Share your dilemmas and get honest opinions from other Mumsnetters.

AIBU to think I can get married with a tiny baby?

134 replies

queenoftheworld93 · 18/02/2016 09:51

So DP and I are getting married in December. All booked and (partially) paid for. Were planning on a few nights somewhere unusual for our honeymoon but it isn't booked yet.

However, a couple of days ago we found out I'm pregnant. We weren't trying any more so it was a big shock. If online calculators are to be trusted, baby is due in October. It would be around 9 weeks old for the wedding. We have already sent out the save the dates.

Aibu to hope we can do this without changing the date? Just for info: hoping to bf, cannot bring the wedding closer for financial reasons, and I am buying my dress from an outlet store (hopefully minimal appointments/alterations). What do you all think?

OP posts:
CalleighDoodle · 18/02/2016 10:28

vague advantages of expressing? I used to add an express slot the week before a nightnout. obviously not express on the night out and enjoy the size of the boobs! No pain no gain though and had to hand express a little to make it comfortable...

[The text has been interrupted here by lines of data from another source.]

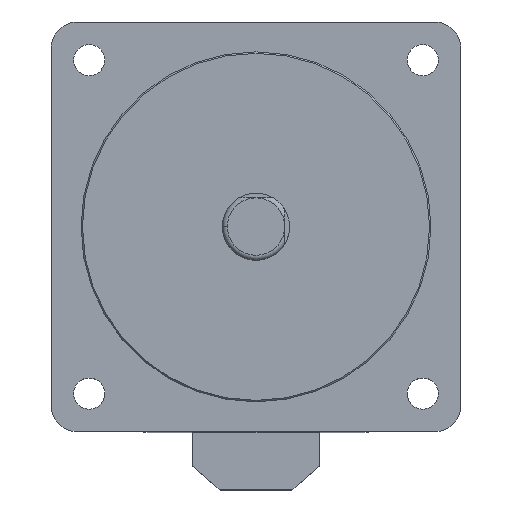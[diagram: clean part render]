
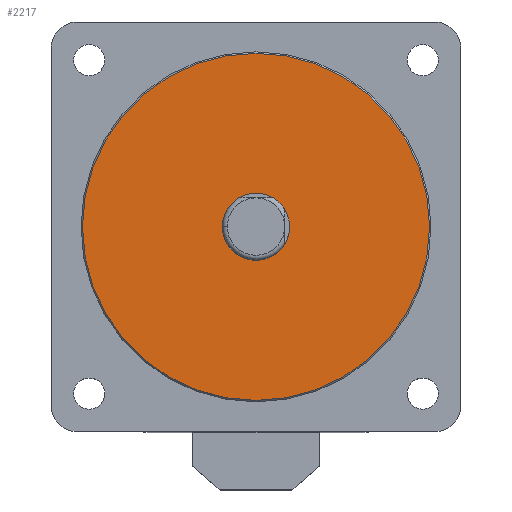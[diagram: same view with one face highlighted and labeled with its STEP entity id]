
A CAD part, top view. The second image highlights one B-rep face of the part: STEP entity #2217.
In plain terms, the highlighted planar face has unit normal (0, 0, 1).
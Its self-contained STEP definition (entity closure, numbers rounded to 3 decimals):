
#147 = AXIS2_PLACEMENT_3D ( 'NONE', #1629, #1388, #1144 ) ;
#235 = DIRECTION ( 'NONE',  ( -1., 0., 0. ) ) ;
#280 = EDGE_CURVE ( 'NONE', #1677, #438, #2292, .T. ) ;
#296 = CARTESIAN_POINT ( 'NONE',  ( 0., 0., 0. ) ) ;
#309 = CIRCLE ( 'NONE', #811, 7. ) ;
#319 = CIRCLE ( 'NONE', #1407, 36.213 ) ;
#431 = ORIENTED_EDGE ( 'NONE', *, *, #1184, .T. ) ;
#438 = VERTEX_POINT ( 'NONE', #2206 ) ;
#483 = DIRECTION ( 'NONE',  ( 0., 0., -1. ) ) ;
#546 = EDGE_CURVE ( 'NONE', #794, #2032, #855, .T. ) ;
#689 = DIRECTION ( 'NONE',  ( -1., 0., 0. ) ) ;
#786 = ORIENTED_EDGE ( 'NONE', *, *, #280, .T. ) ;
#794 = VERTEX_POINT ( 'NONE', #2019 ) ;
#811 = AXIS2_PLACEMENT_3D ( 'NONE', #2077, #1832, #1607 ) ;
#855 = CIRCLE ( 'NONE', #903, 7. ) ;
#903 = AXIS2_PLACEMENT_3D ( 'NONE', #296, #483, #235 ) ;
#930 = DIRECTION ( 'NONE',  ( 0., 0., 1. ) ) ;
#984 = ORIENTED_EDGE ( 'NONE', *, *, #546, .T. ) ;
#1034 = EDGE_LOOP ( 'NONE', ( #2237, #786 ) ) ;
#1144 = DIRECTION ( 'NONE',  ( -1., 0., 0. ) ) ;
#1184 = EDGE_CURVE ( 'NONE', #2032, #794, #309, .T. ) ;
#1192 = CARTESIAN_POINT ( 'NONE',  ( 36.213, 0., 0. ) ) ;
#1388 = DIRECTION ( 'NONE',  ( 0., 0., -1. ) ) ;
#1407 = AXIS2_PLACEMENT_3D ( 'NONE', #1591, #2245, #2002 ) ;
#1591 = CARTESIAN_POINT ( 'NONE',  ( 0., 0., 0. ) ) ;
#1607 = DIRECTION ( 'NONE',  ( -1., 0., 0. ) ) ;
#1629 = CARTESIAN_POINT ( 'NONE',  ( 0., 0., 0. ) ) ;
#1677 = VERTEX_POINT ( 'NONE', #1192 ) ;
#1695 = AXIS2_PLACEMENT_3D ( 'NONE', #1882, #930, #689 ) ;
#1832 = DIRECTION ( 'NONE',  ( 0., 0., -1. ) ) ;
#1856 = PLANE ( 'NONE',  #147 ) ;
#1882 = CARTESIAN_POINT ( 'NONE',  ( 0., 0., 0. ) ) ;
#1898 = EDGE_CURVE ( 'NONE', #438, #1677, #319, .T. ) ;
#1950 = EDGE_LOOP ( 'NONE', ( #431, #984 ) ) ;
#2002 = DIRECTION ( 'NONE',  ( -1., 0., 0. ) ) ;
#2012 = CARTESIAN_POINT ( 'NONE',  ( -7., 0., 0. ) ) ;
#2019 = CARTESIAN_POINT ( 'NONE',  ( 7., 0., 0. ) ) ;
#2032 = VERTEX_POINT ( 'NONE', #2012 ) ;
#2077 = CARTESIAN_POINT ( 'NONE',  ( 0., 0., 0. ) ) ;
#2196 = FACE_BOUND ( 'NONE', #1950, .T. ) ;
#2206 = CARTESIAN_POINT ( 'NONE',  ( -36.213, 0., 0. ) ) ;
#2217 = ADVANCED_FACE ( 'NONE', ( #2329, #2196 ), #1856, .F. ) ;
#2237 = ORIENTED_EDGE ( 'NONE', *, *, #1898, .T. ) ;
#2245 = DIRECTION ( 'NONE',  ( 0., 0., 1. ) ) ;
#2292 = CIRCLE ( 'NONE', #1695, 36.213 ) ;
#2329 = FACE_OUTER_BOUND ( 'NONE', #1034, .T. ) ;

Can you tell i only have boobs during pregnancy and bfing Grin

Artandco · 18/02/2016 10:30

I would

Get a nice baby sling and have baby worn by Dh or you at actual wedding also so you are happy he's close . I would feed 60 mins before actual ceromony and get your husband ( well to be), to wear him in a black sling under his suit jacket. He will likely sleepy through if fed, clean and held close.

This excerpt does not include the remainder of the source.